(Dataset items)
☆ ☆ ☆

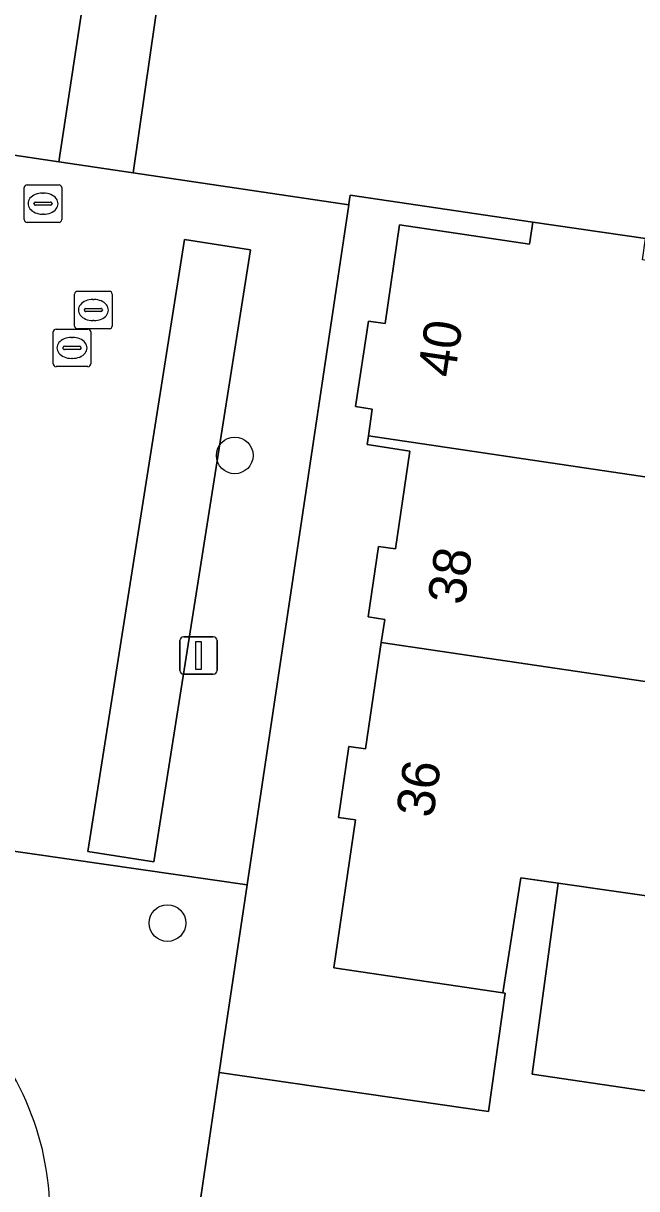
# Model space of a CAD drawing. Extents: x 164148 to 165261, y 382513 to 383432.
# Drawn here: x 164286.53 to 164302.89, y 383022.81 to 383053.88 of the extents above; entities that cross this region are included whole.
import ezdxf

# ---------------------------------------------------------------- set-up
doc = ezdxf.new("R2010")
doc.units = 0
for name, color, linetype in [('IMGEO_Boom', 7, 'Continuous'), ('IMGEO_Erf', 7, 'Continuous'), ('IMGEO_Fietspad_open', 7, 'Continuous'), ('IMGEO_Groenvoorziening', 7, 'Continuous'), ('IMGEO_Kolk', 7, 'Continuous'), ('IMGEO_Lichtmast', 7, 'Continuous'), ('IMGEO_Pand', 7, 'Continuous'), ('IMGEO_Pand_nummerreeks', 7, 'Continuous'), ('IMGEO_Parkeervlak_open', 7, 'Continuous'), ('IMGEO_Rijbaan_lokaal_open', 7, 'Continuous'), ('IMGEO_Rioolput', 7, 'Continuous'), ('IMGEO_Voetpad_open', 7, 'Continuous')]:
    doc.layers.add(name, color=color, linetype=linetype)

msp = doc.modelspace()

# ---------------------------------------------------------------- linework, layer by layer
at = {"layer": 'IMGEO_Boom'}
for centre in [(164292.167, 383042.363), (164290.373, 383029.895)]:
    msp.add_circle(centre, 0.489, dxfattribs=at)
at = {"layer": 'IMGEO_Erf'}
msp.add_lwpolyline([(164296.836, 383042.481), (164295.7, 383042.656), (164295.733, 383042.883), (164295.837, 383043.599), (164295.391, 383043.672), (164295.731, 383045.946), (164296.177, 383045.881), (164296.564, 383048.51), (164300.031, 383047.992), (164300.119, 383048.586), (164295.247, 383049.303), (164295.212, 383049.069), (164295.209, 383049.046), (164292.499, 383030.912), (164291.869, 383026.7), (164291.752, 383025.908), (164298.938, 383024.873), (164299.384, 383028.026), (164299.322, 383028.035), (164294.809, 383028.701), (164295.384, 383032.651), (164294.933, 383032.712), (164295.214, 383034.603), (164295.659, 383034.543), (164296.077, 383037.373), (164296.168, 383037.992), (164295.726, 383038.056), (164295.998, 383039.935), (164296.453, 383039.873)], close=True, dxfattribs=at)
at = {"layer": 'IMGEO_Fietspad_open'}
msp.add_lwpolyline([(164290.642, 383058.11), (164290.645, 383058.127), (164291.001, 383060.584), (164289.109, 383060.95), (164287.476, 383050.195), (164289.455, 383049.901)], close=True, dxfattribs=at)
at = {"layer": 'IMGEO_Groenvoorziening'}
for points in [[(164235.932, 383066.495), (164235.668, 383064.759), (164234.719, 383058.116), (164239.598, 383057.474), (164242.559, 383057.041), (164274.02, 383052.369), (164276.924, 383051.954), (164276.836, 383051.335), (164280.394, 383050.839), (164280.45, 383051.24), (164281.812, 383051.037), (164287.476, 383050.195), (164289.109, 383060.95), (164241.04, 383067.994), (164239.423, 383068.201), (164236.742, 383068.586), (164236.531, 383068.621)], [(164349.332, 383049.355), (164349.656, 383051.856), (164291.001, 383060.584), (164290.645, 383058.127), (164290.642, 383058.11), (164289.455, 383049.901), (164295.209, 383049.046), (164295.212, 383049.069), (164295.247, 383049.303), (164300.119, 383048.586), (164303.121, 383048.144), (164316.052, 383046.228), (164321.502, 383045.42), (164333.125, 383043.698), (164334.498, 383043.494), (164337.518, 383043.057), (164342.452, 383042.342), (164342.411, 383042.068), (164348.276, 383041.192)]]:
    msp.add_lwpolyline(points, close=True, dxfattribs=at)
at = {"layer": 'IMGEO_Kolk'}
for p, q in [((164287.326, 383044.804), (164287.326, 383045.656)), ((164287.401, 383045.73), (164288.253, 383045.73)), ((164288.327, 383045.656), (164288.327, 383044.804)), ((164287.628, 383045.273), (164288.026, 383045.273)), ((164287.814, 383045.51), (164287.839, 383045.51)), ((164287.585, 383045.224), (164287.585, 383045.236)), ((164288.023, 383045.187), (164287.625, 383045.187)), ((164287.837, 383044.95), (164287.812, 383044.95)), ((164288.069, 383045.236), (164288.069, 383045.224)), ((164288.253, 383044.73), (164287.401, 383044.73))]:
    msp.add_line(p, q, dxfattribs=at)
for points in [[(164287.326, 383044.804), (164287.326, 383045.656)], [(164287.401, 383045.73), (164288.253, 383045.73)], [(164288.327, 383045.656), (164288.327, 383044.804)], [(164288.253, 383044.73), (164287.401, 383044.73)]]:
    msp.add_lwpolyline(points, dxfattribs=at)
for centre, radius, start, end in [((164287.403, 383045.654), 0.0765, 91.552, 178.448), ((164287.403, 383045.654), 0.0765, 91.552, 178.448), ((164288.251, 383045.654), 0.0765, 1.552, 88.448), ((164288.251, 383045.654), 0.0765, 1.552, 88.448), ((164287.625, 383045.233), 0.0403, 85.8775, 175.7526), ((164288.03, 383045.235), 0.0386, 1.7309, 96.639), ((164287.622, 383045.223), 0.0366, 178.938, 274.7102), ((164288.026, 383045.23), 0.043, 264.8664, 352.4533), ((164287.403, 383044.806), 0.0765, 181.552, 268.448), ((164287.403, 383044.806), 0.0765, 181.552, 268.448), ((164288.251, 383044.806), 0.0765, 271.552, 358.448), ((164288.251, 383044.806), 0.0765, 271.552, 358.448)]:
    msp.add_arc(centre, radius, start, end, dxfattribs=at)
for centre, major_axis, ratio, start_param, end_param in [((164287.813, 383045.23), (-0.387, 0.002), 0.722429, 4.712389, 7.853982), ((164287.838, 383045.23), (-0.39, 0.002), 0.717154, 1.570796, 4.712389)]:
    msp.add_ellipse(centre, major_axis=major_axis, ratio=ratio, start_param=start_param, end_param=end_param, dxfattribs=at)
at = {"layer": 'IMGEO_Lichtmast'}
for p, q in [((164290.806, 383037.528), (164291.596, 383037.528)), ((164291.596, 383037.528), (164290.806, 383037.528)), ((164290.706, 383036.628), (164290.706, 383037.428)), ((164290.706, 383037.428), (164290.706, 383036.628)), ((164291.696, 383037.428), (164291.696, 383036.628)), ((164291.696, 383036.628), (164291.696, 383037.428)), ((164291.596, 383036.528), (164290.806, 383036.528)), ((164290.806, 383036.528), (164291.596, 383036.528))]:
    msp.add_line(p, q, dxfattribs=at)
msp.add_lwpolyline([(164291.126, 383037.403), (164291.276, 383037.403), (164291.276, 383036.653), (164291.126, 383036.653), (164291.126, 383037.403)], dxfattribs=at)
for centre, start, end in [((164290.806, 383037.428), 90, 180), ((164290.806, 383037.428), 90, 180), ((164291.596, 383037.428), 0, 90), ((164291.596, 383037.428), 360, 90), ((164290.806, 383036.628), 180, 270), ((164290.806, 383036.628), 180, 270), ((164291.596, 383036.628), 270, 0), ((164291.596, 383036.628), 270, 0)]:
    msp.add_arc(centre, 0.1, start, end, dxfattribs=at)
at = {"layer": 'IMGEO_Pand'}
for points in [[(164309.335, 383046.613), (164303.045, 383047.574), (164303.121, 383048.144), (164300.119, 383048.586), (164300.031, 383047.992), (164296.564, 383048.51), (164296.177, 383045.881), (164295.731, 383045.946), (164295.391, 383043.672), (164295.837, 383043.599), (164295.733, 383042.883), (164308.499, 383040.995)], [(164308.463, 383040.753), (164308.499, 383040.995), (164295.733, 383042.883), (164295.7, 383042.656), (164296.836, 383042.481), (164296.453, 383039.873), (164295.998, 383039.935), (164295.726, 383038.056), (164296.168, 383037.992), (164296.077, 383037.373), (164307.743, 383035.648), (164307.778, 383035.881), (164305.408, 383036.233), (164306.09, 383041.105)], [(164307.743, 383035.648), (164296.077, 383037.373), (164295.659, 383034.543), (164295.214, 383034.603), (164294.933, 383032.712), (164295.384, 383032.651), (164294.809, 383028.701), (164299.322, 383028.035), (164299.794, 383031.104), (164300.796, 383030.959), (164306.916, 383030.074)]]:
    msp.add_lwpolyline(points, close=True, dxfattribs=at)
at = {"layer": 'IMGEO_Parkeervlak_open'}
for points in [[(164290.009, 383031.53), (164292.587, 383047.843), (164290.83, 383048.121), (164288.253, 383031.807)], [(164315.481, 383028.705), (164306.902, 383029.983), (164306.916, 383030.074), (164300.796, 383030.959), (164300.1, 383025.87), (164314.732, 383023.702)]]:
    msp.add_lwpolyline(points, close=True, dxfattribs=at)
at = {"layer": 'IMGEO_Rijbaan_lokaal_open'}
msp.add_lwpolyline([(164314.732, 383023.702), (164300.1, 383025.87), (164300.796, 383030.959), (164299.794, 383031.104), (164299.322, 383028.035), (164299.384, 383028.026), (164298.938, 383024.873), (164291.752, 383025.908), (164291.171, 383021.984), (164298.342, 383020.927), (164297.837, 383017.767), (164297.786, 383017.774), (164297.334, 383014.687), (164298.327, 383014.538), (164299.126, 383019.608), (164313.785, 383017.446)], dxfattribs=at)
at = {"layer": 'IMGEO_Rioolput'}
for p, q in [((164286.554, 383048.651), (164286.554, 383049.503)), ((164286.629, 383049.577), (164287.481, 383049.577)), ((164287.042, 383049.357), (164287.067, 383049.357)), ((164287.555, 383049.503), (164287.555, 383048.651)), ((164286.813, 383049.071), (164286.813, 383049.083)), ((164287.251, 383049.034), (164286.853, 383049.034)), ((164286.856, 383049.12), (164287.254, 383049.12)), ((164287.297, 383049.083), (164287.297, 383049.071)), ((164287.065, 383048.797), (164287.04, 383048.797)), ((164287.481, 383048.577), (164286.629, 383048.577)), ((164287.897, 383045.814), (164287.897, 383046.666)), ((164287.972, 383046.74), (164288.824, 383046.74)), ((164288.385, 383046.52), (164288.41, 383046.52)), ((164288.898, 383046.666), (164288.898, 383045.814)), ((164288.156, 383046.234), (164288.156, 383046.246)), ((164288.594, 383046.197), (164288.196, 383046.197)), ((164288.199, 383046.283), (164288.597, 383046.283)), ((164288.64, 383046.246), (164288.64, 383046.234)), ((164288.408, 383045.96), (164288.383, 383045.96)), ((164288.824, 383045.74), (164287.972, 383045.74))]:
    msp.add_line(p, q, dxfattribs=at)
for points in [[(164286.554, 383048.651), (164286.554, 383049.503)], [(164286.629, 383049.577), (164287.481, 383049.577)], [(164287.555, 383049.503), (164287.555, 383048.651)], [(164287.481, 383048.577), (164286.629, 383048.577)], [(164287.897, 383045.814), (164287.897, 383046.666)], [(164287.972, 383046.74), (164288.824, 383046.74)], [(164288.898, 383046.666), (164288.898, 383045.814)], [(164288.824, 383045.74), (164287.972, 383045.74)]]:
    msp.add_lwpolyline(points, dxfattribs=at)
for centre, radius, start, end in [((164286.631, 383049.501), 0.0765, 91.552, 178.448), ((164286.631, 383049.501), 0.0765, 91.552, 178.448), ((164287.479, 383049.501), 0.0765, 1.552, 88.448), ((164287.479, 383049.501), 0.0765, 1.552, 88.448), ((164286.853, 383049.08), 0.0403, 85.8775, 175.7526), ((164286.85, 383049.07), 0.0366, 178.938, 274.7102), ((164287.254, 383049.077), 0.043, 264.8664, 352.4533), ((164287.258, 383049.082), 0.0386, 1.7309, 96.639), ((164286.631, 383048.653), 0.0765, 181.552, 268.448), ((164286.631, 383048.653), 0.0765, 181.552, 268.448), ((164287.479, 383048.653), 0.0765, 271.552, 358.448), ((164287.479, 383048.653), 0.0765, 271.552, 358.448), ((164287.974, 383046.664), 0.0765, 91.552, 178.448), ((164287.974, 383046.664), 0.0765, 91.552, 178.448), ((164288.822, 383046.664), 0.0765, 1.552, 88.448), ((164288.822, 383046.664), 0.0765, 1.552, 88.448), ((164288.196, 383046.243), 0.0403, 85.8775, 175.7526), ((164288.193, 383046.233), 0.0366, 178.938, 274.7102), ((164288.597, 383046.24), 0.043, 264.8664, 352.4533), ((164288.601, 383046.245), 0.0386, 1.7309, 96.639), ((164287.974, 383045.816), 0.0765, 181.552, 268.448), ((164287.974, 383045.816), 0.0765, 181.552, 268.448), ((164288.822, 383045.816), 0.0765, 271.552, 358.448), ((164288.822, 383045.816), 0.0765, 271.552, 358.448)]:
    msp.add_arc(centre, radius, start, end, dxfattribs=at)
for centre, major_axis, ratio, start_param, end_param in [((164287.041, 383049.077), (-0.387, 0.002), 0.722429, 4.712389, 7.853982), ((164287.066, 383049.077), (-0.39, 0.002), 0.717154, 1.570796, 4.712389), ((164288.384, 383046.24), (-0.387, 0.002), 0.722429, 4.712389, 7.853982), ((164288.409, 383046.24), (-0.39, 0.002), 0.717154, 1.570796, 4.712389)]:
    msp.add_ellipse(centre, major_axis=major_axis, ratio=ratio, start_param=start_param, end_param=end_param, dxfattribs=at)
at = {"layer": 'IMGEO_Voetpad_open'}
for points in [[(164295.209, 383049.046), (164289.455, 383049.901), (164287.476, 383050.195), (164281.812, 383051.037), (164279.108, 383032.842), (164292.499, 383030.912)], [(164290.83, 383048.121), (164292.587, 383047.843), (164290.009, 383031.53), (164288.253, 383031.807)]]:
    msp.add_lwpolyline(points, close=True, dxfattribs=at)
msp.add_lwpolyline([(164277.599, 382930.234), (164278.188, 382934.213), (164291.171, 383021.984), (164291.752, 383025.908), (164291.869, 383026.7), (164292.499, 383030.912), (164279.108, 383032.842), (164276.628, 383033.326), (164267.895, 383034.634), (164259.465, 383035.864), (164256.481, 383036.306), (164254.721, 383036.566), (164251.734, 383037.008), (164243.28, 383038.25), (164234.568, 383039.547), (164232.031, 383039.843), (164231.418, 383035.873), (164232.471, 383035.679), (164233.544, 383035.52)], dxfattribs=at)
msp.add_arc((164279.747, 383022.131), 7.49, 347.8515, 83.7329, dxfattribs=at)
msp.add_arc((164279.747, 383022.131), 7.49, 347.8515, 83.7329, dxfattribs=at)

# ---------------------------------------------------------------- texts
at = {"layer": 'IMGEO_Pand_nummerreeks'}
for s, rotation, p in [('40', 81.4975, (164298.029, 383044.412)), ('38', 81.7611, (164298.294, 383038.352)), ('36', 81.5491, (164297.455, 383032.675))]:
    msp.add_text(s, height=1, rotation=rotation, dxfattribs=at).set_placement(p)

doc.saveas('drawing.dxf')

☆ ☆ ☆

_YOUR INSTRUCTIONS_: Exactly the lines from the one containing "(164233.544, 383035.52)], dxfattribs=at)" through the last line of the records are to be transcribed, both endpoints included.

_RESULT_:
msp.add_lwpolyline([(164277.599, 382930.234), (164278.188, 382934.213), (164291.171, 383021.984), (164291.752, 383025.908), (164291.869, 383026.7), (164292.499, 383030.912), (164279.108, 383032.842), (164276.628, 383033.326), (164267.895, 383034.634), (164259.465, 383035.864), (164256.481, 383036.306), (164254.721, 383036.566), (164251.734, 383037.008), (164243.28, 383038.25), (164234.568, 383039.547), (164232.031, 383039.843), (164231.418, 383035.873), (164232.471, 383035.679), (164233.544, 383035.52)], dxfattribs=at)
msp.add_arc((164279.747, 383022.131), 7.49, 347.8515, 83.7329, dxfattribs=at)
msp.add_arc((164279.747, 383022.131), 7.49, 347.8515, 83.7329, dxfattribs=at)

# ---------------------------------------------------------------- texts
at = {"layer": 'IMGEO_Pand_nummerreeks'}
for s, rotation, p in [('40', 81.4975, (164298.029, 383044.412)), ('38', 81.7611, (164298.294, 383038.352)), ('36', 81.5491, (164297.455, 383032.675))]:
    msp.add_text(s, height=1, rotation=rotation, dxfattribs=at).set_placement(p)

doc.saveas('drawing.dxf')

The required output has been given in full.